My article resulted in a barrage of hate mail; even my esteemed colleague, the great photographer Sally Soames, told me to take her off my email list as she was so incensed that I, an American, could dare to write about something I “knew nothing about” and criticize the beautiful game. (I am actually sports-crazy and at the time had already lived in Britain for thirty years.)
The hate mail accused me of being racist! How a white woman who condemns the actions of thousands of white men and women is a racist is beyond me. Then in 2008 I was again called a racist by (white) Liverpool football fans when I criticized them for making death threats against George Gillett and Tom Hicks when the U.S.-Canadian twosome bought the team with a heavy deficit attached to the deal. Fan after fan wrote to me with threats against my well-being and the Liverpool Echo hosted a blog about evil me. That got me: being called a “racist” for lambasting white Liverpool fans!
In June of this year I appeared on a Press (Iranian) TV special in London about Israel and its effect on worldwide anti-Semitism. I defended Israel’s actions against Hamas. In the front of the audience an American woman screamed at me, “You make me ashamed! You are a racist!” When I came home, my inbox had been invaded by a woman from a pro-Palestinian Jewish group, saying she had also been in the audience and had found my refusal to denounce Israel lamentable. She expressed her sorrow that I chose to promulgate my “racist” views.
Now in late August we have the aforementioned Jermain Defoe, a black British footballer, being detained overnight for a traffic violation that proved unfounded, an occurrence that is rife. White footballers say they are never pulled up by the police. Footballers have also been demanding that the hideous racism vomiting forth from the stands at European and British matches be addressed with severity by the authorities. In Barcelona last year, Spanish fans turned up in blackface to viciously taunt Formula One ace Lewis Hamilton. That was the real thing.
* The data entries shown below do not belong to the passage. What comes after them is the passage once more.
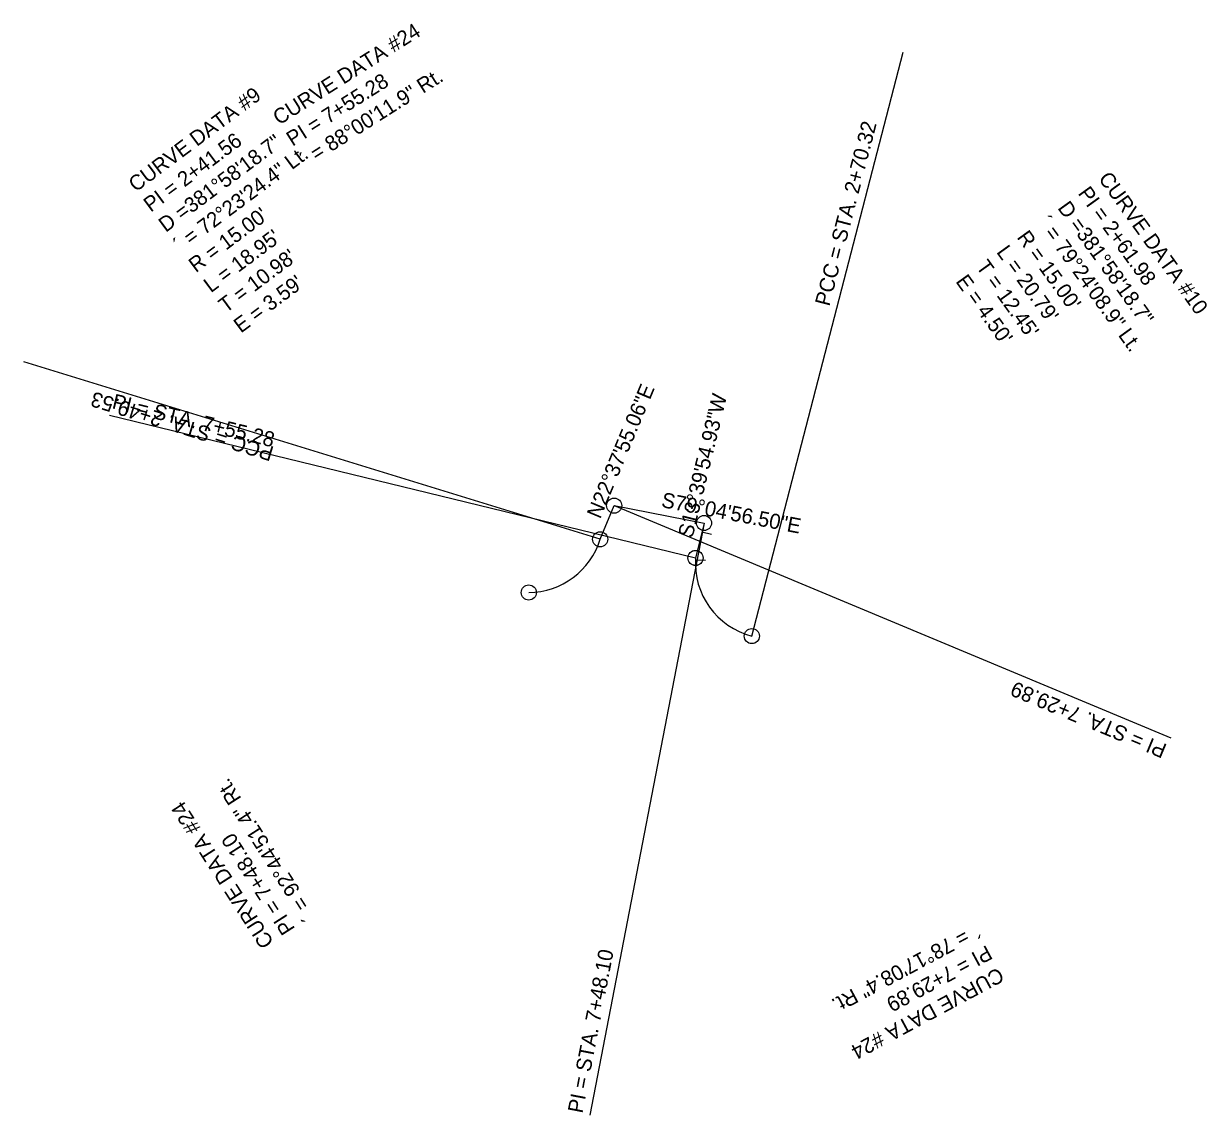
# Model space of a CAD drawing. Extents: x 1158784 to 1165006, y 610007 to 611539.
# Drawn here: x 1163291.5 to 1163527, y 610356.7 to 610573.8 of the extents above; entities that cross this region are included whole.
import ezdxf

# ---------------------------------------------------------------- set-up
doc = ezdxf.new("R2010")
doc.units = 0
for name, color, linetype in [('D_Roadway_Centerline', 7, 'Continuous'), ('D_Roadway_Centerline_Bearings', 7, 'Continuous'), ('D_Roadway_Centerline_CurveData', 7, 'Continuous'), ('D_Roadway_Centerline_Flags', 7, 'Continuous'), ('D_Roadway_Centerline_Text', 7, 'Continuous')]:
    doc.layers.add(name, color=color, linetype=linetype)

msp = doc.modelspace()

# ---------------------------------------------------------------- linework, layer by layer
at = {"layer": 'D_Roadway_Centerline'}
for p, q in [((1163406.16, 610471.27), (1163408.95, 610477.96)), ((1163408.95, 610477.96), (1163426.83, 610474.51)), ((1163426.83, 610474.51), (1163425.14, 610467.54))]:
    msp.add_line(p, q, dxfattribs=at)
for centre, start, end in [((1163391.83, 610475.68), 270.5073, 342.8974), ((1163440.1, 610466.54), 176.0725, 255.475)]:
    msp.add_arc(centre, 15, start, end, dxfattribs=at)
at = {"layer": 'D_Roadway_Centerline_Flags'}
for points in [[(1163436.34, 610452.02), (1163466.44, 610568.18)], [(1163406.16, 610471.27), (1163291.47, 610506.56)], [(1163425.14, 610467.54), (1163308.53, 610495.89)], [(1163408.95, 610477.96), (1163519.71, 610431.79)], [(1163426.83, 610474.51), (1163404.1, 610356.69)]]:
    msp.add_lwpolyline(points, dxfattribs=at)
for centre in [(1163408.95, 610477.96), (1163426.83, 610474.51), (1163406.16, 610471.27), (1163406.16, 610471.27), (1163425.14, 610467.56), (1163425.14, 610467.54), (1163391.96, 610460.68), (1163436.34, 610452.02)]:
    msp.add_circle(centre, 1.5, dxfattribs=at)
at = {"layer": 'D_Roadway_Centerline_Text'}
for points in [[(1163428.33, 610472.2), (1163426.38, 610472.67)], [(1163427.11, 610467.02), (1163425.11, 610467.09)]]:
    msp.add_lwpolyline(points, dxfattribs=at)

# ---------------------------------------------------------------- texts
at = {"layer": 'D_Roadway_Centerline_Bearings'}
for s, rotation, p in [('N22%%d37\'55.06"E', 67.368, (1163406.17, 610475.19)), ('S13%%d39\'54.93"W', 76.3347, (1163424.53, 610471.38)), ('S79%%d04\'56.50"E', 349.0824, (1163418.18, 610477.71))]:
    msp.add_text(s, height=3, rotation=rotation, dxfattribs=at).set_placement(p)
at = {"layer": 'D_Roadway_Centerline_CurveData'}
for s, rotation, p in [('CURVE DATA #24', 32.3331, (1163342.28, 610553.57)), ('PI = 7+55.28', 32.3331, (1163344.96, 610549.34)), ('´ = 88%%d00\'11.9" Rt.', 32.3331, (1163347.63, 610545.12)), ('CURVE DATA #9', 36.7024, (1163313.77, 610540.24)), ('PI = 2+41.56', 36.7024, (1163316.75, 610536.23)), ('D =381%%d58\'18.7"', 36.7024, (1163319.74, 610532.22)), ('´ = 72%%d23\'24.4" Lt.', 36.7024, (1163322.73, 610528.21)), ('CURVE DATA #10', 305.7737, (1163505.18, 610543.01)), ('PI = 2+61.98', 305.7737, (1163501.12, 610540.08)), ("R = 15.00'", 36.7024, (1163325.72, 610524.2)), ('D =381%%d58\'18.7"', 305.7737, (1163497.07, 610537.16)), ('´ = 79%%d24\'08.9" Lt.', 305.7737, (1163493.01, 610534.24)), ("L = 18.95'", 36.7024, (1163328.71, 610520.19)), ("R = 15.00'", 305.7737, (1163488.95, 610531.32)), ("L = 20.79'", 305.7737, (1163484.9, 610528.39)), ("T = 10.98'", 36.7024, (1163331.7, 610516.18)), ("T = 12.45'", 305.7737, (1163480.84, 610525.47)), ("E = 3.59'", 36.7024, (1163334.68, 610512.18)), ("E = 4.50'", 305.7737, (1163476.78, 610522.55)), ('´ = 92%%d44\'51.4" Rt.', 122.7086, (1163349.77, 610396.5)), ('CURVE DATA #24', 122.7086, (1163341.35, 610391.1)), ('PI = 7+48.10', 122.7086, (1163345.56, 610393.8)), ('´ = 78%%d17\'08.4" Rt.', 208.2252, (1163480.7, 610395.04)), ('PI = 7+29.89', 208.2252, (1163483.07, 610390.63)), ('CURVE DATA #24', 208.2252, (1163485.43, 610386.23))]:
    msp.add_text(s, height=3, rotation=rotation, dxfattribs=at).set_placement(p)
at = {"layer": 'D_Roadway_Centerline_Flags'}
for s, rotation, p in [('PCC = STA. 2+70.32', 75.475, (1163451.76, 610517.49)), ('PCC = STA. 2+49.53', 162.8974, (1163341.45, 610489.61)), ('PI = STA. 7+55.28', 346.3347, (1163308.89, 610497.35)), ('PI = STA. 7+29.89', 157.368, (1163519.14, 610430.4)), ('PI = STA. 7+48.10', 79.0824, (1163402.63, 610356.97))]:
    msp.add_text(s, height=3, rotation=rotation, dxfattribs=at).set_placement(p)

doc.saveas('drawing.dxf')

When I heard the Gates story I had a degree of sympathy for both the police and for the professor. But in Europe racial prejudice is still a major illness with a primitive edge that blights an otherwise enlightened continent. The Gates debacle was ugly, but when you think that France has only just introduced its first black television anchor, the U.S. seems a haven of racial enlightenment. As for me? I resent being called a racist and hope the public discourse in the United States does not become as ugly as that across the pond. Does beer in the Rose Garden heal wounds? Time will tell.